Comparemos si no la supuesta
habilidad que los niños de hoy tienen para la computación. ¿De qué hablamos
cuando decimos cosas semejantes? ¿Dónde se origina la misteriosa habilidad?,
¿de una modificación genética? No. Si los niños ahora demuestran mayores aptitudes
que generaciones anteriores para el manejo de computadoras, se debe a que
han crecido rodeados por innumerables estímulos audiovisuales que de alguna
manera los han preparado para el manejo de un sistema que básicamente funciona
de modo similar; mientras para algunos de nosotros los multimedia son apenas
una difusa abstracción, para ellos son una manera de actuar en el mundo. Al
final tenemos que la expresión ‘niños de hoy’ sólo es un vago eufemismo para
eludir la responsabilidad de brindar educación integral a millones de niños
encomendados a la nodriza televisiva.
Aun cuando falta mejorar el
rendimiento de los programas de alfabetización corrientes, en la actualidad
el bajo índice de lectura entre los jóvenes estudiantes no implica tanto un
problema de logística como de afinidad. Una vez que se les ha enseñado a leer,
una vez que se han hecho llamativas ediciones, sigue faltando el convencimiento
de que la lectura tiene un valor por sí misma e incluso puede ser entretenida.

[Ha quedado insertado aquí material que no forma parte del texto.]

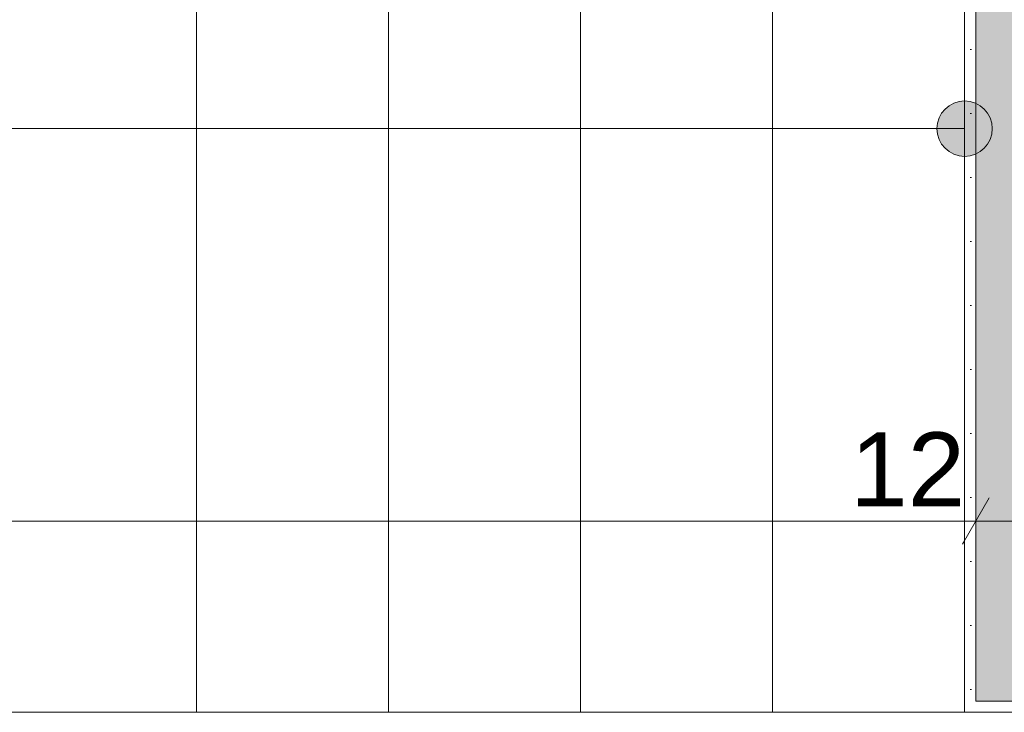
# Model space of a CAD drawing. Extents: x 100 to 2982, y 37 to 2050.
# Tile 68 of 135: x 960 to 1093, y 1635 to 1729. Entities that reach past the tile are written whole.
import ezdxf
from ezdxf.xclip import XClip

# ---------------------------------------------------------------- set-up
doc = ezdxf.new("R2010")
doc.units = 0
doc.header["$MEASUREMENT"] = 0
doc.header["$XCLIPFRAME"] = 0
doc.linetypes.add('Wipeout_Contour', pattern=[5000, 0, -5000])
for name, color, linetype in [('250-A Schody Pochylnie', 7, 'Continuous'), ('299-A Wymiary Opisy', 7, 'Continuous'), ('420-K Ściany', 7, 'Continuous'), ('820-G Rysunki Obrazki', 7, 'Continuous')]:
    doc.layers.add(name, color=color, linetype=linetype)
doc.styles.add('STYL_AUTOMATYCZNY_7', font='txt')
pattern_1 = [(0, (-18316.349, -206.5255), (0, 8.660254), [0, -5]), (0, (-18313.849, -202.195), (0, 8.660254), [0, -5])]

# ---------------------------------------------------------------- blocks, each defined once
blk = doc.blocks.new('Rysunek_1_1', base_point=(-18316.35, -206.53))
at = {"layer": '420-K Ściany', "linetype": 'Continuous', "lineweight": 13}
for points in [[(1101.3, 1648.51), (1101.3, 1776.01), (1089.3, 1776.01), (1089.3, 1648.51)], [(1101.3, 1648.51), (1089.3, 1636.51), (1101.3, 1636.51)], [(1089.3, 1648.51), (1089.3, 1636.51), (1101.3, 1648.51)]]:
    blk.add_hatch(color=62, dxfattribs=at).paths.add_polyline_path(points)
at = {"layer": '420-K Ściany', "linetype": 'Continuous', "lineweight": 5}
h = blk.add_hatch(dxfattribs=at)
h.set_pattern_fill('Tynk_0001', color=180, style=0, pattern_type=2)
h.set_pattern_definition(pattern_1)
h.paths.add_polyline_path([(1109.64, 1636.51), (1089.3, 1636.51), (1089.3, 1635.01), (1109.64, 1635.01)])
at = {"layer": '250-A Schody Pochylnie', "color": 1, "linetype": 'Continuous', "lineweight": 13, "ltscale": 0.2}
for p, q in [((1087.8, 1776.01), (1087.8, 1635.01)), ((1087.8, 1635.01), (827.8, 1635.01))]:
    blk.add_line(p, q, dxfattribs=at)
at = {"layer": '299-A Wymiary Opisy', "color": 85, "linetype": 'Continuous', "lineweight": 13, "ltscale": 0.2}
for p, q in [((1089.3, 1656.21), (1089.3, 1665.58)), ((1089.3, 1660.9), (1101.3, 1660.9))]:
    blk.add_line(p, q, dxfattribs=at)
at = {"layer": '420-K Ściany', "color": 67, "linetype": 'Continuous', "lineweight": 13, "ltscale": 0.2}
for p, q in [((1089.3, 1776.01), (1089.3, 1648.51)), ((1089.3, 1648.51), (1089.3, 1636.51)), ((1089.3, 1636.51), (1101.3, 1636.51)), ((1089.3, 1636.51), (1101.3, 1636.51))]:
    blk.add_line(p, q, dxfattribs=at)
at = {"layer": '420-K Ściany', "color": 47, "linetype": 'Continuous', "lineweight": 15, "ltscale": 0.2, "flags": 128}
blk.add_lwpolyline([(1089.3, 1635.01), (1109.64, 1635.01)], dxfattribs=at)
at = {"color": 254, "linetype": 'Wipeout_Contour', "lineweight": 0, "ltscale": 8065.191579}
blk.add_wipeout([(1087.8, 1776.01), (1061.8, 1776.01), (1061.8, 1635.01), (1087.8, 1635.01)], dxfattribs=at).dxf.layer = '250-A Schody Pochylnie'
at = {"layer": '250-A Schody Pochylnie', "linetype": 'Continuous', "lineweight": 13}
blk.add_hatch(color=71, dxfattribs=at).paths.add_polyline_path([(1087.8, 1710.26, 1), (1087.8, 1717.76, 1)])
at = {"layer": '420-K Ściany', "linetype": 'Continuous', "lineweight": 5}
h = blk.add_hatch(dxfattribs=at)
h.set_pattern_fill('Tynk_0001', color=180, style=0, pattern_type=2)
h.set_pattern_definition(pattern_1)
h.paths.add_polyline_path([(1089.3, 1636.51), (1089.3, 1776.01), (1087.8, 1776.01), (1087.8, 1636.51)])
h = blk.add_hatch(dxfattribs=at)
h.set_pattern_fill('Tynk_0001', color=180, style=0, pattern_type=2)
h.set_pattern_definition(pattern_1)
h.paths.add_polyline_path([(1087.8, 1635.01), (1089.3, 1635.01), (1089.3, 1636.51)])
h = blk.add_hatch(dxfattribs=at)
h.set_pattern_fill('Tynk_0001', color=180, style=0, pattern_type=2)
h.set_pattern_definition(pattern_1)
h.paths.add_polyline_path([(1087.8, 1636.51), (1087.8, 1635.01), (1089.3, 1636.51)])
at = {"layer": '250-A Schody Pochylnie', "color": 11, "linetype": 'Continuous', "lineweight": 13, "ltscale": 0.2}
for p, q in [((1061.8, 1635.01), (1061.8, 1776.01)), ((1087.8, 1776.01), (1087.8, 1635.01)), ((1087.8, 1635.01), (1061.8, 1635.01))]:
    blk.add_line(p, q, dxfattribs=at)
at = {"layer": '250-A Schody Pochylnie', "color": 11, "linetype": 'Continuous', "lineweight": 13, "ltscale": 0.2, "flags": 128}
blk.add_lwpolyline([(1087.8, 1710.26, -1), (1087.8, 1717.76, -1)], format="xyb", close=True, dxfattribs=at)
at = {"layer": '299-A Wymiary Opisy', "color": 45, "linetype": 'Continuous', "lineweight": 15, "ltscale": 0.2}
blk.add_line((1091.11, 1664.02), (1087.5, 1657.77), dxfattribs=at)
at = {"layer": '420-K Ściany', "color": 47, "linetype": 'Continuous', "lineweight": 15, "ltscale": 0.2, "flags": 128}
for points in [[(1087.8, 1776.01), (1087.8, 1635.01)], [(1087.8, 1635.01), (1089.3, 1635.01)]]:
    blk.add_lwpolyline(points, dxfattribs=at)
at = {"layer": '299-A Wymiary Opisy', "color": 46, "linetype": 'Continuous', "lineweight": 15, "insert": (1072.32, 1662.9), "char_height": 10, "width": 15.1772, "attachment_point": 7, "style": 'STYL_AUTOMATYCZNY_7'}
blk.add_mtext('\\A1;{\\pql;\\fArial|b0|i0|c0|p38;12}', dxfattribs=at)
at = {"color": 254, "linetype": 'Wipeout_Contour', "lineweight": 0, "ltscale": 8010.190076}
blk.add_wipeout([(1061.8, 1776.01), (1035.8, 1776.01), (1035.8, 1635.01), (1061.8, 1635.01)], dxfattribs=at).dxf.layer = '250-A Schody Pochylnie'
at = {"layer": '250-A Schody Pochylnie', "color": 11, "linetype": 'Continuous', "lineweight": 13, "ltscale": 0.2}
for p, q in [((1035.8, 1635.01), (1035.8, 1776.01)), ((1061.8, 1776.01), (1061.8, 1635.01)), ((1087.8, 1714.01), (1061.8, 1714.01)), ((1061.8, 1635.01), (1035.8, 1635.01))]:
    blk.add_line(p, q, dxfattribs=at)
at = {"color": 254, "linetype": 'Wipeout_Contour', "lineweight": 0, "ltscale": 7956.167761}
blk.add_wipeout([(1035.8, 1776.01), (1009.8, 1776.01), (1009.8, 1635.01), (1035.8, 1635.01)], dxfattribs=at).dxf.layer = '250-A Schody Pochylnie'
at = {"layer": '250-A Schody Pochylnie', "color": 11, "linetype": 'Continuous', "lineweight": 13, "ltscale": 0.2}
for p, q in [((1009.8, 1635.01), (1009.8, 1776.01)), ((1035.8, 1776.01), (1035.8, 1635.01)), ((1035.8, 1635.01), (1009.8, 1635.01))]:
    blk.add_line(p, q, dxfattribs=at)
at = {"color": 254, "linetype": 'Wipeout_Contour', "lineweight": 0, "ltscale": 7903.144759}
blk.add_wipeout([(1009.8, 1776.01), (983.8, 1776.01), (983.8, 1635.01), (1009.8, 1635.01)], dxfattribs=at).dxf.layer = '250-A Schody Pochylnie'
at = {"layer": '250-A Schody Pochylnie', "color": 11, "linetype": 'Continuous', "lineweight": 13, "ltscale": 0.2}
for p, q in [((983.8, 1635.01), (983.8, 1776.01)), ((1009.8, 1776.01), (1009.8, 1635.01)), ((1009.8, 1635.01), (983.8, 1635.01))]:
    blk.add_line(p, q, dxfattribs=at)
at = {"color": 254, "linetype": 'Wipeout_Contour', "lineweight": 0, "ltscale": 7851.141364}
blk.add_wipeout([(983.8, 1776.01), (957.8, 1776.01), (957.8, 1635.01), (983.8, 1635.01)], dxfattribs=at).dxf.layer = '250-A Schody Pochylnie'
at = {"layer": '250-A Schody Pochylnie', "color": 11, "linetype": 'Continuous', "lineweight": 13, "ltscale": 0.2}
for p, q in [((983.8, 1776.01), (983.8, 1635.01)), ((1061.8, 1714.01), (827.8, 1714.01)), ((983.8, 1635.01), (957.8, 1635.01))]:
    blk.add_line(p, q, dxfattribs=at)
at = {"layer": '299-A Wymiary Opisy', "color": 85, "linetype": 'Continuous', "lineweight": 13, "ltscale": 0.2}
blk.add_line((664.8, 1660.9), (1089.3, 1660.9), dxfattribs=at)

msp = doc.modelspace()

# ---------------------------------------------------------------- block references
at = {"layer": '820-G Rysunki Obrazki', "color": 65, "linetype": 'Continuous', "lineweight": 13, "ltscale": 0.2}
ref = msp.add_blockref('Rysunek_1_1', (-18316.35, -206.53), dxfattribs=at)
XClip(ref).set_block_clipping_path([(244.527027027, 76.8014120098), (2570.9054054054, 2022.1162324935)])

doc.saveas('drawing.dxf')

Es decir, se puede enseñar a leer, tener coloridas campañas para promover
el libro, pero mientras el niño no esté convencido del valor que la lectura
tiene por sí misma, todo será inútil.
Una actividad que permite
a cualquier niño familiarizarse con el texto impreso y conocer procesos similares
a los que concentra el libro alrededor suyo, es la organización de un taller
de revista al interior de la escuela o la clase. Una revista no solamente
requiere de personas que sepan escribir; también de otras que sepan leer (correctores,
redactores), además de las encargadas de las diversas áreas necesarias para
publicarla (producción, apariencia gráfica, distribución, etc.). Independientemente
de auxiliar en el fortalecimiento de hábitos de lectura y comprensión, propone
una dinámica formativa de compromiso comunitario, al poner en juego distintas
capacidades individuales en favor de un proyecto compartido. Si no conseguimos
lectores avezados, por lo menos estaremos ampliando la cultura de respeto
al libro, ganancia que no es menor, si recordamos muchas de las atrocidades
que en la historia humana han comenzado con la quema de un libro.
Elección
de un perfil y otros preparativos
Lo primero
para echar a andar una revista es saber cuál será su temática
fundamental, qué tópicos abordará. ¿Será una revista de
expresión, abierta a la libre creación de los participantes?
¿O será más bien de corte informativo, limitada a hechos
locales o con materias de índole general? Existen tantas
posibilidades como la imaginación desee, revistas deportivas,
de humor, de crítica, revistas en las que el contenido
es completamente inventado, combinaciones varias. Pero
eso sí, una vez elegido el rumbo, debe mantenerse con
apego y darse las garantías suficientes para su continuidad.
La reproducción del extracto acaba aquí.